Toward Generalizable Machine Learning Models in Speech, Language, and Hearing Sciences: Power Analysis and Sample Size Estimation

This study's first purpose is to provide quantitative evidence that would incentivize researchers to instead use the more robust method of nested cross-validation. The second purpose is to present methods and MATLAB codes for doing power analysis for ML-based analysis during the design of a study. Monte Carlo simulations were used to quantify the interactions between the employed cross-validation method, the discriminative power of features, the dimensionality of the feature space, and the dimensionality of the model. Four different cross-validations (single holdout, 10-fold, train-validation-test, and nested 10-fold) were compared based on the statistical power and statistical confidence of the ML models. Distributions of the null and alternative hypotheses were used to determine the minimum required sample size for obtaining a statistically significant outcome ({\alpha}=0.05, 1-\b{eta}=0.8). Statistical confidence of the model was defined as the probability of correct features being selected and hence being included in the final model. Our analysis showed that the model generated based on the single holdout method had very low statistical power and statistical confidence and that it significantly overestimated the accuracy. Conversely, the nested 10-fold cross-validation resulted in the highest statistical confidence and the highest statistical power, while providing an unbiased estimate of the accuracy. The required sample size with a single holdout could be 50% higher than what would be needed if nested cross-validation were used. Confidence in the model based on nested cross-validation was as much as four times higher than the confidence in the single holdout-based model. A computational model, MATLAB codes, and lookup tables are provided to assist researchers with estimating the sample size during the design of their future studies.

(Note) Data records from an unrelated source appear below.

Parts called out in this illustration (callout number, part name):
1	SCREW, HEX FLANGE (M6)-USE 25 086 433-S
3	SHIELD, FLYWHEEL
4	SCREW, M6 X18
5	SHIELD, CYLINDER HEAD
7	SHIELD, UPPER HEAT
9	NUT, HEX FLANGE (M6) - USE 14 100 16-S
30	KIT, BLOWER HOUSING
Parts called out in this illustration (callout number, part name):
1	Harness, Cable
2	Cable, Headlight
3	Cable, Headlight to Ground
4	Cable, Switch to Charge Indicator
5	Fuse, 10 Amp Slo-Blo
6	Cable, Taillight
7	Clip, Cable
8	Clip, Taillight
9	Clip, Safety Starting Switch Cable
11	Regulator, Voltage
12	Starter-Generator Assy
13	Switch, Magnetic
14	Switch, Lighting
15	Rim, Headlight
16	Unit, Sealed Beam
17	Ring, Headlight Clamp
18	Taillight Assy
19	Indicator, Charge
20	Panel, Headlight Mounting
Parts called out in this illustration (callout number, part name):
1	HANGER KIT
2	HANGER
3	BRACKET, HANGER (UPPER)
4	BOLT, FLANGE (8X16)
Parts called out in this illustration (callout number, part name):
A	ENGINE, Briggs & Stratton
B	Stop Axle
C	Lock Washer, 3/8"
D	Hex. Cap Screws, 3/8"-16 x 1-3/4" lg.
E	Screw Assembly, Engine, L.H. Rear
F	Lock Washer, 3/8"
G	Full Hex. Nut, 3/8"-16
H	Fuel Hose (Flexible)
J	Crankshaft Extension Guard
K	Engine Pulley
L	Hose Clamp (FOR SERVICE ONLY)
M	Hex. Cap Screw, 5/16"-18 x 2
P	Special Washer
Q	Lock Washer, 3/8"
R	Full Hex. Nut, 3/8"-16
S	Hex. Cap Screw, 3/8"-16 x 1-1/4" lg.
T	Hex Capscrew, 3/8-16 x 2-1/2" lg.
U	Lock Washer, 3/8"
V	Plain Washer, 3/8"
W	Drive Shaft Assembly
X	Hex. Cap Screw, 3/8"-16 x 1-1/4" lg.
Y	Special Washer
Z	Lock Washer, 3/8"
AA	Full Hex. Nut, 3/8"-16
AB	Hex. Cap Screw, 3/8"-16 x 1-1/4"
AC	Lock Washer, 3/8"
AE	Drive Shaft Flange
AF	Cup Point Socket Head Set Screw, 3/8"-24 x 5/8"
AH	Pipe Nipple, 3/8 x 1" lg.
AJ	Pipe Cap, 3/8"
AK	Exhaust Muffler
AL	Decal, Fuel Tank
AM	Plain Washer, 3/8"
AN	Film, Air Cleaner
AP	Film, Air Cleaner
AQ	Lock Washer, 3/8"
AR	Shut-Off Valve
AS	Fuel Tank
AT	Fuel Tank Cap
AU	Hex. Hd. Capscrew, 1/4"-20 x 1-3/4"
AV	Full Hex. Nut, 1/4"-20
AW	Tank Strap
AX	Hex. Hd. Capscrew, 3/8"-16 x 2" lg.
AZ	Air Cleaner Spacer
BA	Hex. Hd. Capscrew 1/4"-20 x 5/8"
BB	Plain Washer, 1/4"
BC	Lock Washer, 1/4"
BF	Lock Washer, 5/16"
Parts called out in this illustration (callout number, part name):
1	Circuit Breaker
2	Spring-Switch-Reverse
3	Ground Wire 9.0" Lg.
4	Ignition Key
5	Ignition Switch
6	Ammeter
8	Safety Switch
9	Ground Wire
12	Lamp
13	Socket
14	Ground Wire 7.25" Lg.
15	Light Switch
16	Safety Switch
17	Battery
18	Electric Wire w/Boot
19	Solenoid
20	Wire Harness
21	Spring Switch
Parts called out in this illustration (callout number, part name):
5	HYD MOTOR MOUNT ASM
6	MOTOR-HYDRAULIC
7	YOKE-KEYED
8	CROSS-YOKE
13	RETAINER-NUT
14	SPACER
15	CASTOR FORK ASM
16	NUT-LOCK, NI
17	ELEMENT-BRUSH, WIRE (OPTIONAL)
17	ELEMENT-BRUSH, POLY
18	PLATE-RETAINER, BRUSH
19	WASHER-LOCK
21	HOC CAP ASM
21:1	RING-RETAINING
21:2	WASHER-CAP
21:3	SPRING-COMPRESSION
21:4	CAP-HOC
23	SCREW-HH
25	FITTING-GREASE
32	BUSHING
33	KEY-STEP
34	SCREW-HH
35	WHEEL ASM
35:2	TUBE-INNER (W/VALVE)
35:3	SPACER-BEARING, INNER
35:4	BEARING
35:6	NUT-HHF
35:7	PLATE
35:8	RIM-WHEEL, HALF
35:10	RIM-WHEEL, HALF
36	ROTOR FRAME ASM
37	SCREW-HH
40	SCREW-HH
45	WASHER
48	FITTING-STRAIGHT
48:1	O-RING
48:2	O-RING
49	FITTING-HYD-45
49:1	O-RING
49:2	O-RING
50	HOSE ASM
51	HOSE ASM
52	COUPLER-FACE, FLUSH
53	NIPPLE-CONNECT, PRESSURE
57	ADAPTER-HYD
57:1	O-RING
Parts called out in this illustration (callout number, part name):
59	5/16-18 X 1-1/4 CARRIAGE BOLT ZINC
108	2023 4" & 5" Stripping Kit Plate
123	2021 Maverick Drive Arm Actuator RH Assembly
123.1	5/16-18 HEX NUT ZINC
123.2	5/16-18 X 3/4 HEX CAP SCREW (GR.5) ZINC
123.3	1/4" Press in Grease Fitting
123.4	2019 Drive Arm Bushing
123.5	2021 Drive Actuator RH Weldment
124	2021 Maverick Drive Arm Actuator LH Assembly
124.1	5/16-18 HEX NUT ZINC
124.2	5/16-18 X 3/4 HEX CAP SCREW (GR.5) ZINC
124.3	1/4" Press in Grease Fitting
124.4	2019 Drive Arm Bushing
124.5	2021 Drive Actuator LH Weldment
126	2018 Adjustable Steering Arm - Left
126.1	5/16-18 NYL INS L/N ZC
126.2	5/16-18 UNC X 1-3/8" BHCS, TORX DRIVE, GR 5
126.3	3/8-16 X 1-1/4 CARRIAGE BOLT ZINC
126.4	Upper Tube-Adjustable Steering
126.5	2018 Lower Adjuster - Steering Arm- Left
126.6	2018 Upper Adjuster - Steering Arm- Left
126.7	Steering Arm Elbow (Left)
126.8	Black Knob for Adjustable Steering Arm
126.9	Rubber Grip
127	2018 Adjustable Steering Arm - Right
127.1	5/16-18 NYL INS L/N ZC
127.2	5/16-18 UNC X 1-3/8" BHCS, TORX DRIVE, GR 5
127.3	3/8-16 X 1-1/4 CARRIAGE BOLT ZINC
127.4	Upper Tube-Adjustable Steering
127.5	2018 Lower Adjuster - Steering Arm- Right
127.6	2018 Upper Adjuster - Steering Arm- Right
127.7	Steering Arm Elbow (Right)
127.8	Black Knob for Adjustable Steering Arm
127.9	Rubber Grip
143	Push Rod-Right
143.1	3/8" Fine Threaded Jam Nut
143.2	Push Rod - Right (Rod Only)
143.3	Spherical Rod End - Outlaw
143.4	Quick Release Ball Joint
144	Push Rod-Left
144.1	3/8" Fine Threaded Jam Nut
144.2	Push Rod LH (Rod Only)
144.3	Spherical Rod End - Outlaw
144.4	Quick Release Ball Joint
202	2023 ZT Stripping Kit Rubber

翻译：本研究的第一目的是提供定量证据，推动研究者转而采用更稳健的嵌套交叉验证方法。第二目的是在实验设计阶段，提出基于机器学习的分析中统计功效分析的方法及MATLAB代码。采用蒙特卡洛模拟量化交叉验证方法、特征判别能力、特征空间维度和模型维度之间的交互作用。基于统计功效和统计置信度，比较了四种交叉验证方法（单次留出法、10折交叉验证、训练-验证-测试集划分、嵌套10折交叉验证）。通过零假设与备择假设的分布确定获得统计显著结果所需的最小样本量（α=0.05，1-β=0.8）。模型的统计置信度定义为正确特征被选中并纳入最终模型的概率。分析表明：基于单次留出法生成的模型统计功效与置信度极低，且显著高估准确率；相反，嵌套10折交叉验证在提供无偏准确率估计的同时，获得了最高的统计置信度与统计功效。采用单次留出法所需样本量可比嵌套交叉验证法高出50%。基于嵌套交叉验证的模型置信度可达到基于单次留出法模型的四倍。本研究提供了计算模型、MATLAB代码及查询表，以协助研究者在未来实验设计阶段估算样本量。